Prefeitura ganha ação que garante R$ 108 milhões de economia ao ano

Prefeitura ganha ação que garante R$ 108 milhões de economia ao ano

Por Jornal Expresso 28/02/2018 - 15:40 hs

Prefeitura ganha ação que garante R$ 108 milhões de economia ao ano
"Muita alegria, orgulho de servir a cidade de Rio das Ostras e dever cumprindo são os sentimentos qu

A Procuradoria Geral do Município - PGM, venceu, ontem, no Tribunal de Justiça do Estado do Rio de Janeiro - TJ/RJ, por unanimidade, recurso interposto pela Empresa Odebrecht contra decisão judicial obtida no início de 2017 que simplesmente garantiu a viabilidade financeira do município até agora, pois reduziu de 10 milhões para 1 Milhão e Duzentos Mil o valor mensalmente pago pelo contrato PPP (Saneamento).

Relembrando, em setembro de 2016, uma Lei editada em 2015, foi declarada inconstitucional pelo TJ/RJ e, com isso, o Município mergulhou numa dívida de 130 Milhões mais as parcelas mensais de 10 Milhões, ou seja, naquele momento, o valor da dívida já superava arrecadação de royalties da cidade.

Logo após a eleição (outubro/2016), autorizado e motivado pelo candidato eleito, então Deputado Carlos Augusto, durante o período de transição, os Procuradores Luís Henrique, Leonardo, Lívia, Welington, Dílson e Anderson foram convidados pelo atual Procurador Geral do Município, Renato Vasconcellos, a participar de várias reuniões sobre o tema, dando azo, 3 meses depois (Jan/2017) a ação ajuizada pela PGM.

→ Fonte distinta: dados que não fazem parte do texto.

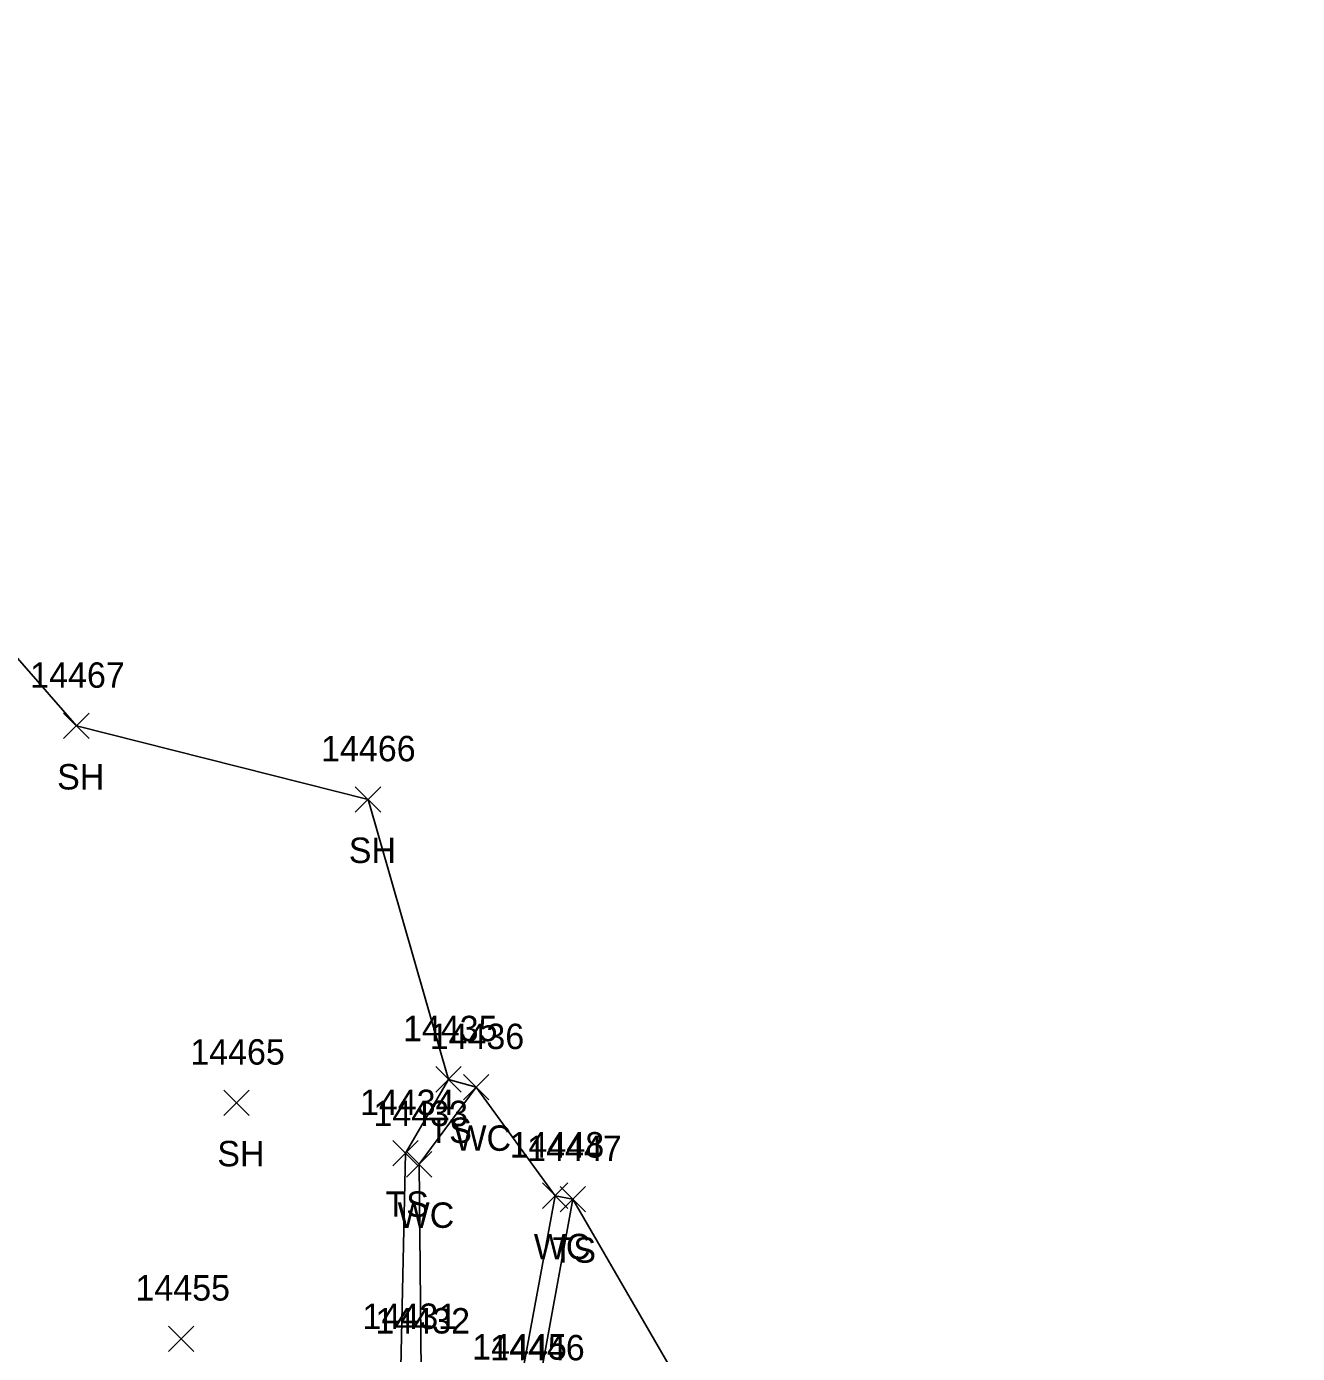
# Model space of a CAD drawing. Extents: x 1439173 to 1457902, y 641926 to 659889.
# Drawn here: x 1446675.8 to 1446775.8, y 652756.3 to 652860.7 of the extents above; entities that cross this region are included whole.
import ezdxf

# ---------------------------------------------------------------- set-up
doc = ezdxf.new("R2010")
doc.units = 0
for name, color, linetype in [('L_A', 7, 'Continuous'), ('L_I', 7, 'Continuous'), ('L_TIC', 7, 'Continuous'), ('LAWE', 7, 'Continuous'), ('LELB', 7, 'Continuous'), ('LSOGP', 7, 'Continuous')]:
    doc.layers.add(name, color=color, linetype=linetype)

msp = doc.modelspace()

# ---------------------------------------------------------------- linework, layer by layer
at = {"layer": 'L_TIC'}
for points in [[(1446678.72, 652804.69), (1446680.72, 652806.69)], [(1446680.72, 652804.69), (1446678.72, 652806.69)], [(1446701.66, 652798.91), (1446703.66, 652800.91)], [(1446703.66, 652798.91), (1446701.66, 652800.91)], [(1446708, 652776.89), (1446710, 652778.89)], [(1446710, 652776.89), (1446708, 652778.89)], [(1446710.16, 652776.27), (1446712.16, 652778.27)], [(1446712.16, 652776.27), (1446710.16, 652778.27)], [(1446691.32, 652775.05), (1446693.32, 652777.05)], [(1446693.32, 652775.05), (1446691.32, 652777.05)], [(1446704.62, 652771.08), (1446706.62, 652773.08)], [(1446706.62, 652771.08), (1446704.62, 652773.08)], [(1446705.68, 652770.21), (1446707.68, 652772.21)], [(1446707.68, 652770.21), (1446705.68, 652772.21)], [(1446716.39, 652767.74), (1446718.39, 652769.74)], [(1446718.39, 652767.74), (1446716.39, 652769.74)], [(1446717.77, 652767.47), (1446719.77, 652769.47)], [(1446719.77, 652767.47), (1446717.77, 652769.47)], [(1446686.96, 652756.49), (1446688.96, 652758.49)], [(1446688.96, 652756.49), (1446686.96, 652758.49)]]:
    msp.add_lwpolyline(points, dxfattribs=at)
at = {"layer": 'LAWE'}
for points in [[(1446611.76, 652696.69), (1446610.46, 652697.21), (1446609.41, 652702.07), (1446610.19, 652703.35), (1446611.61, 652706.1), (1446620.47, 652706.49), (1446629.91, 652702.07), (1446646.23, 652706.67), (1446654.47, 652709.92), (1446654.7, 652713.29), (1446662.49, 652719.69), (1446678.77, 652719.44), (1446695.83, 652722.88), (1446709.94, 652727.86), (1446710.45, 652733.84), (1446708.83, 652738.46), (1446708.51, 652742.1), (1446706.85, 652754.9), (1446706.68, 652771.21), (1446711.16, 652777.27)], [(1446611.76, 652696.69), (1446617.2, 652702.63), (1446629.3, 652699.56), (1446644.09, 652700.41), (1446655.7, 652706.41), (1446659.09, 652712.02), (1446663.44, 652714.08), (1446672.88, 652718.2), (1446669.95, 652716.66), (1446678.35, 652714.64), (1446696.23, 652719.25), (1446708.45, 652723.38), (1446713.96, 652724.99), (1446714.17, 652729.59), (1446712.38, 652743.16), (1446714.45, 652752.85), (1446717.39, 652768.74)]]:
    msp.add_lwpolyline(points, dxfattribs=at)
at = {"layer": 'LELB'}
for points in [[(1446612.84, 652708.79), (1446620.02, 652707.52), (1446630.63, 652704.21), (1446643.63, 652708.25), (1446649.72, 652711.2), (1446652.6, 652714.1), (1446653.92, 652717.35), (1446662, 652722.54), (1446668.74, 652726.4), (1446676.38, 652732.01), (1446689.73, 652740.18), (1446705.91, 652741.73), (1446705.25, 652755.26), (1446705.62, 652772.08), (1446709, 652777.89)], [(1446716.42, 652728.43), (1446713.82, 652743.35), (1446715.91, 652752.79), (1446718.77, 652768.47)]]:
    msp.add_lwpolyline(points, dxfattribs=at)
at = {"layer": 'LSOGP'}
msp.add_lwpolyline([(1446635.85, 652882.35), (1446662.46, 652850.52), (1446665.2, 652822.33), (1446679.73, 652805.69), (1446702.67, 652799.91), (1446709, 652777.88), (1446711.16, 652777.27), (1446717.39, 652768.73), (1446718.78, 652768.47), (1446728.85, 652751.09), (1446733.5, 652739.99), (1446744.72, 652722.28), (1446731.66, 652699.82), (1446717.17, 652656.69), (1446720.94, 652638.84), (1446736.21, 652618.95), (1446746.64, 652588.97), (1446766.6, 652538.24), (1446785.56, 652486.81), (1446810.26, 652426.19), (1446827.1, 652383.36), (1446843.99, 652341.8)], dxfattribs=at)

# ---------------------------------------------------------------- texts
at = {"layer": 'L_A'}
for s, p in [('SH', (1446678.21, 652800.69)), ('SH', (1446701.15, 652794.91)), ('TS', (1446707.41, 652772.89)), ('WC', (1446709.46, 652772.27)), ('SH', (1446690.81, 652771.05)), ('TS', (1446704.03, 652767.08)), ('WC', (1446704.99, 652766.21)), ('WC', (1446715.7, 652763.74)), ('TS', (1446717.18, 652763.47))]:
    msp.add_text(s, height=2, dxfattribs=at).set_placement(p)
at = {"layer": 'L_I'}
for s, p in [('14467', (1446676.09, 652808.69)), ('14466', (1446698.97, 652802.91)), ('14435', (1446705.41, 652780.89)), ('14436', (1446707.51, 652780.27)), ('14465', (1446688.68, 652779.05)), ('14434', (1446702.03, 652775.08)), ('14433', (1446703.09, 652774.21)), ('14448', (1446713.8, 652771.74)), ('14447', (1446715.18, 652771.47)), ('14455', (1446684.37, 652760.49)), ('14431', (1446702.23, 652758.26)), ('14432', (1446703.25, 652757.9)), ('14445', (1446710.86, 652755.85)), ('14446', (1446712.27, 652755.79))]:
    msp.add_text(s, height=2, dxfattribs=at).set_placement(p)

doc.saveas('drawing.dxf')
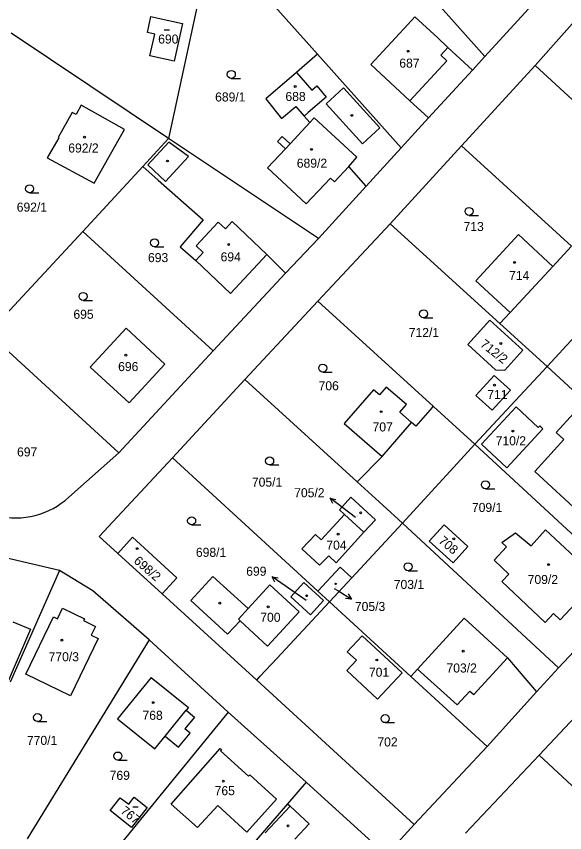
# Model space of a CAD drawing. Extents: x -736345 to -729997, y -1130177 to -1122501.
# Drawn here: x -733053.3 to -732950.5, y -1127962.5 to -1127809.2 of the extents above; entities that cross this region are included whole.
import ezdxf

# ---------------------------------------------------------------- set-up
doc = ezdxf.new("R2010")
doc.units = 0
for name, color, linetype in [('Vrstva 1', 7, 'Continuous'), ('Vrstva 16', 7, 'Continuous'), ('Vrstva 18', 7, 'Continuous'), ('Vrstva 19', 7, 'Continuous'), ('Vrstva 25', 7, 'Continuous'), ('Vrstva 4', 7, 'Continuous')]:
    doc.layers.add(name, color=color, linetype=linetype)

msp = doc.modelspace()

# ---------------------------------------------------------------- linework, layer by layer
at = {"layer": 'Vrstva 1'}
for points in [[(-733016.58, -1127794.18), (-733024.82, -1127832.14)], [(-733016.58, -1127794.18), (-732996.82, -1127816.34)], [(-732944.88, -1127794.25), (-732965.44, -1127816.79)], [(-732980.02, -1127800.36), (-732965.44, -1127816.79)], [(-732956.03, -1127818.45), (-732941.2, -1127801.7)], [(-733028.75, -1127812.27), (-733028.11, -1127809.24)], [(-733028.11, -1127809.24), (-733026.73, -1127809.55)], [(-733026.73, -1127809.55), (-733022.2, -1127810.56)], [(-733022.2, -1127810.56), (-733023.73, -1127817.64)], [(-732978.57, -1127809.3), (-732979.93, -1127810.77)], [(-732978.57, -1127809.3), (-732974.26, -1127813.27)], [(-732979.93, -1127810.77), (-732986.85, -1127818.29)], [(-733024.82, -1127832.14), (-733054.32, -1127812.38)], [(-733027.36, -1127812.58), (-733028.75, -1127812.27)], [(-733028.27, -1127816.66), (-733027.36, -1127812.58)], [(-732974.26, -1127813.27), (-732972.39, -1127815.06)], [(-732972.39, -1127815.06), (-732967.79, -1127819.35)], [(-733023.73, -1127817.64), (-733028.27, -1127816.66)], [(-732996.82, -1127816.34), (-733000.8, -1127819.77)], [(-732996.82, -1127816.34), (-732981.16, -1127833.91)], [(-732967.79, -1127819.35), (-732965.44, -1127816.79)], [(-733000.8, -1127819.77), (-733006.56, -1127824.74)], [(-732986.85, -1127818.29), (-732979.5, -1127825.07)], [(-732976, -1127828.29), (-732967.79, -1127819.35)], [(-732969.85, -1127833.56), (-732956.03, -1127818.45)], [(-732940.51, -1127832.73), (-732956.03, -1127818.45)], [(-733041.16, -1127825.9), (-733042.14, -1127827.65)], [(-733033.04, -1127830.45), (-733041.16, -1127825.9)], [(-733006.56, -1127824.74), (-733003.58, -1127828.4)], [(-732979.5, -1127825.07), (-732976, -1127828.29)], [(-733042.84, -1127827.26), (-733045.48, -1127831.97)], [(-733042.14, -1127827.65), (-733042.84, -1127827.26)], [(-733003.58, -1127828.4), (-733000.94, -1127826.13)], [(-733000.94, -1127826.13), (-732999.36, -1127827.96)], [(-732999.36, -1127827.96), (-732998.27, -1127829.19)], [(-732997.45, -1127828.31), (-732998.27, -1127829.19)], [(-732989.45, -1127835.7), (-732997.45, -1127828.31)], [(-732976, -1127828.29), (-732981.16, -1127833.91)], [(-733034.02, -1127832.2), (-733033.04, -1127830.45)], [(-732998.27, -1127829.19), (-733001.99, -1127833.17)], [(-733045.48, -1127831.97), (-733045.35, -1127832.04)], [(-733003.45, -1127831.8), (-733004.33, -1127832.75)], [(-733001.99, -1127833.17), (-733003.45, -1127831.8)], [(-733045.35, -1127832.04), (-733047.53, -1127835.82)], [(-733038.71, -1127840.57), (-733034.02, -1127832.2)], [(-733029.64, -1127837.4), (-733024.82, -1127832.14)], [(-732996.67, -1127850.91), (-733024.82, -1127832.14)], [(-733004.33, -1127832.75), (-733002.87, -1127834.11)], [(-732983.21, -1127848.17), (-732969.85, -1127833.56)], [(-732969.85, -1127833.56), (-732949.18, -1127852.37)], [(-733002.87, -1127834.11), (-733006.23, -1127837.7)], [(-732981.16, -1127833.91), (-732987.72, -1127841.1)], [(-733047.53, -1127835.82), (-733038.71, -1127840.57)], [(-732991, -1127837.4), (-732989.45, -1127835.7)], [(-733040.86, -1127849.65), (-733029.64, -1127837.4)], [(-733029.64, -1127837.4), (-733026.74, -1127839.97)], [(-733006.23, -1127837.7), (-732998.95, -1127844.46)], [(-732993.65, -1127840.31), (-732991, -1127837.4)], [(-732987.72, -1127841.1), (-732991, -1127837.4)], [(-732998.95, -1127844.46), (-732994.43, -1127839.59)], [(-732994.43, -1127839.59), (-732993.65, -1127840.31)], [(-733026.74, -1127839.97), (-733018.27, -1127847.46)], [(-732987.72, -1127841.1), (-732996.67, -1127850.91)], [(-733018.27, -1127847.46), (-733022.6, -1127852.47)], [(-732996.8, -1127862.69), (-732983.21, -1127848.17)], [(-732983.21, -1127848.17), (-732962.63, -1127866.91)], [(-733058.65, -1127868.73), (-733040.86, -1127849.65)], [(-733040.86, -1127849.65), (-733016.42, -1127872.01)], [(-732967.13, -1127858.86), (-732959.17, -1127850.19)], [(-732959.17, -1127850.19), (-732952.7, -1127856.18)], [(-733002.82, -1127857.47), (-732996.67, -1127850.91)], [(-733022.6, -1127852.47), (-733019.67, -1127855.07)], [(-732952.7, -1127856.18), (-732949.18, -1127852.37)], [(-733013.15, -1127861.24), (-733006.34, -1127853.91)], [(-733006.34, -1127853.91), (-733002.82, -1127857.47)], [(-733019.67, -1127855.07), (-733013.15, -1127861.24)], [(-733002.82, -1127857.47), (-733016.42, -1127872.01)], [(-732960.69, -1127864.82), (-732967.13, -1127858.86)], [(-733010.45, -1127877.4), (-732996.8, -1127862.69)], [(-732996.8, -1127862.69), (-732975.12, -1127882.45)], [(-732962.63, -1127866.91), (-732960.69, -1127864.82)], [(-732964.52, -1127866.26), (-732968.66, -1127870.81)], [(-732958.31, -1127871.89), (-732964.52, -1127866.26)], [(-732962.63, -1127866.91), (-732953.76, -1127874.98)], [(-733034.13, -1127891.15), (-733058.65, -1127868.73)], [(-733032.75, -1127867.79), (-733039.47, -1127875.08)], [(-733025.47, -1127874.51), (-733032.75, -1127867.79)], [(-732953.76, -1127874.98), (-732948.57, -1127869.3)], [(-732968.66, -1127870.81), (-732963.45, -1127875.61)], [(-733016.42, -1127872.01), (-733034.13, -1127891.15)], [(-732961.7, -1127875.62), (-732958.31, -1127871.89)], [(-733032.19, -1127881.81), (-733025.47, -1127874.51)], [(-733039.47, -1127875.08), (-733032.19, -1127881.81)], [(-732953.76, -1127874.98), (-732967.35, -1127889.53)], [(-732963.45, -1127875.61), (-732961.7, -1127875.62)], [(-732945.81, -1127882.31), (-732953.76, -1127874.98)], [(-733024.02, -1127892.12), (-733010.45, -1127877.4)], [(-733010.45, -1127877.4), (-732989.38, -1127896.64)], [(-732967.12, -1127880.42), (-732963.69, -1127876.67)], [(-732963.69, -1127876.67), (-732960.67, -1127879.43)], [(-732986.32, -1127879.32), (-732991.84, -1127885.63)], [(-732985.22, -1127880.27), (-732986.32, -1127879.32)], [(-732983.95, -1127878.82), (-732985.22, -1127880.27)], [(-732980.18, -1127882.1), (-732983.95, -1127878.82)], [(-732960.67, -1127879.43), (-732964.1, -1127883.18)], [(-732964.1, -1127883.18), (-732967.12, -1127880.42)], [(-732981.43, -1127883.54), (-732980.18, -1127882.1)], [(-732975.12, -1127882.45), (-732975.31, -1127882.67)], [(-732975.12, -1127882.45), (-732967.35, -1127889.53)], [(-732966.08, -1127889.55), (-732959.59, -1127882.53)], [(-732959.59, -1127882.53), (-732955.43, -1127886.4)], [(-732979.19, -1127885.49), (-732981.43, -1127883.54)], [(-732975.31, -1127882.67), (-732978.39, -1127886.19)], [(-732952.09, -1127887.33), (-732948.75, -1127883.7)], [(-732991.84, -1127885.63), (-732984.73, -1127891.83)], [(-732978.39, -1127886.19), (-732979.19, -1127885.49)], [(-732954.56, -1127886.64), (-732961.34, -1127893.95)], [(-732955.43, -1127886.4), (-732955.15, -1127886.09)], [(-732955.15, -1127886.09), (-732954.56, -1127886.64)], [(-732956.1, -1127894.65), (-732950.63, -1127888.67)], [(-732950.63, -1127888.67), (-732952.09, -1127887.33)], [(-732970.68, -1127893.18), (-732967.35, -1127889.53)], [(-732967.35, -1127889.53), (-732937.85, -1127916.83)], [(-732961.34, -1127893.95), (-732966.08, -1127889.55)], [(-733034.13, -1127891.15), (-733043.49, -1127899.48)], [(-733024.02, -1127892.12), (-733037.8, -1127906.89)], [(-732996.77, -1127917.1), (-733024.02, -1127892.12)], [(-732984.73, -1127891.83), (-732989.38, -1127896.64)], [(-732980.9, -1127904.38), (-732970.68, -1127893.18)], [(-732947.25, -1127902.78), (-732956.1, -1127894.65)], [(-732989.38, -1127896.64), (-732984.6, -1127901.01)], [(-732990.58, -1127899.49), (-732992.75, -1127901.85)], [(-732985.97, -1127903.72), (-732990.58, -1127899.49)], [(-732992.75, -1127901.85), (-732991.78, -1127902.74)], [(-732984.6, -1127901.01), (-732980.9, -1127904.38)], [(-732991.78, -1127902.74), (-732996.13, -1127907.52)], [(-732988.13, -1127906.08), (-732991.78, -1127902.74)], [(-732988.13, -1127906.08), (-732985.97, -1127903.72)], [(-732980.9, -1127904.38), (-732990.42, -1127914.63)], [(-732951.64, -1127931.49), (-732980.9, -1127904.38)], [(-732975.88, -1127907.74), (-732973.08, -1127904.68)], [(-732973.08, -1127904.68), (-732968.62, -1127908.76)], [(-733037.8, -1127906.89), (-733034.29, -1127910.09)], [(-733034.29, -1127910.09), (-733031.55, -1127907.01)], [(-733031.55, -1127907.01), (-733023.23, -1127914.6)], [(-732997.24, -1127906.51), (-732999.76, -1127909.19)], [(-732996.13, -1127907.52), (-732997.24, -1127906.51)], [(-732993.36, -1127911.79), (-732988.13, -1127906.08)], [(-732962.25, -1127907.98), (-732959.69, -1127906.18)], [(-732959.69, -1127906.18), (-732956.8, -1127908.6)], [(-732956.8, -1127908.6), (-732954.11, -1127905.61)], [(-732954.11, -1127905.61), (-732945.82, -1127913.31)], [(-733045.23, -1127913.25), (-733065.57, -1127908.51)], [(-732971.42, -1127911.83), (-732975.88, -1127907.74)], [(-732961.37, -1127908.81), (-732962.25, -1127907.98)], [(-733034.29, -1127910.09), (-733025.99, -1127917.65)], [(-732999.76, -1127909.19), (-732996.46, -1127912.28)], [(-732968.62, -1127908.76), (-732971.42, -1127911.83)], [(-732963.73, -1127911.3), (-732961.37, -1127908.81)], [(-732996.46, -1127912.28), (-732994.74, -1127910.47)], [(-732994.74, -1127910.47), (-732993.36, -1127911.79)], [(-732960.96, -1127913.93), (-732963.73, -1127911.3)], [(-732992.61, -1127912.6), (-732996.77, -1127917.1)], [(-732990.42, -1127914.63), (-732992.61, -1127912.6)], [(-733045.23, -1127913.25), (-733054.52, -1127934.2)], [(-733038.97, -1127917.08), (-733045.23, -1127913.25)], [(-733023.23, -1127914.6), (-733025.99, -1127917.65)], [(-733020.62, -1127918.88), (-733016.48, -1127914.36)], [(-733016.48, -1127914.36), (-733009.87, -1127920.41)], [(-732994.58, -1127919.13), (-732990.42, -1127914.63)], [(-732962.29, -1127915.34), (-732960.96, -1127913.93)], [(-733009.87, -1127920.41), (-733005.8, -1127915.97)], [(-733005.8, -1127915.97), (-733000.3, -1127920.98)], [(-733001.88, -1127918.17), (-732999.4, -1127915.51)], [(-732999.4, -1127915.51), (-732995.72, -1127918.89)], [(-732954.12, -1127923.03), (-732962.29, -1127915.34)], [(-733028.4, -1127926.27), (-733038.97, -1127917.08)], [(-733025.99, -1127917.65), (-733008.21, -1127933.85)], [(-732994.58, -1127919.13), (-732996.77, -1127917.1)], [(-732951.64, -1127931.49), (-732937.85, -1127916.83)], [(-733013.72, -1127925.22), (-733020.62, -1127918.88)], [(-733004.5, -1127929.77), (-732994.58, -1127919.13)], [(-732998.17, -1127921.57), (-733001.88, -1127918.17)], [(-732995.72, -1127918.89), (-732998.17, -1127921.57)], [(-732994.58, -1127919.13), (-732979.32, -1127933.12)], [(-733045.63, -1127922.3), (-733044.67, -1127920.31)], [(-733044.67, -1127920.31), (-733040.56, -1127922.3)], [(-732948.45, -1127919.42), (-732951.31, -1127922.5)], [(-733051.57, -1127932.74), (-733046.35, -1127921.95)], [(-733046.35, -1127921.95), (-733045.63, -1127922.3)], [(-733040.56, -1127922.3), (-733040.74, -1127922.66)], [(-733000.3, -1127920.98), (-733006.2, -1127927.46)], [(-732978.07, -1127931.75), (-732969.35, -1127922.21)], [(-732969.35, -1127922.21), (-732961.23, -1127929.63)], [(-732952.55, -1127921.34), (-732954.12, -1127923.03)], [(-732951.31, -1127922.5), (-732952.55, -1127921.34)], [(-733040.74, -1127922.66), (-733038.48, -1127923.76)], [(-733038.48, -1127923.76), (-733039.3, -1127925.36)], [(-733011.36, -1127922.67), (-733013.72, -1127925.22)], [(-733006.2, -1127927.46), (-733011.36, -1127922.67)], [(-733039.3, -1127925.36), (-733037.96, -1127926.01)], [(-732991.27, -1127928.51), (-732988.45, -1127925.5)], [(-732988.45, -1127925.5), (-732980.99, -1127932.47)], [(-733028.4, -1127926.27), (-733051.33, -1127963.6)], [(-733037.96, -1127926.01), (-733043.18, -1127936.79)], [(-733013.63, -1127939.84), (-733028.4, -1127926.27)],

Reitera-se que a essência do chamado Contrato PPP não está sendo questionada, pois trata-se da maior obra de saneamento básico e urbanização do interior do Estado. 

O que a PGM cobra junto ao Poder Juduciario, na verdade, é o fiel cumprimento das cláusulas contratuais relacionadas a cobrança abusiva de juros a longo prazo e a revisão do contrato em virtude da queda brusca da receita municipal. "Muita alegria, orgulho de servir a cidade de Rio das Ostras e dever cumprindo são os sentimentos que tomam conta da Procuradoria Geral do Município nesta manhã de quarta-feira", disse o procurador Dr.Renato Vasconcellos.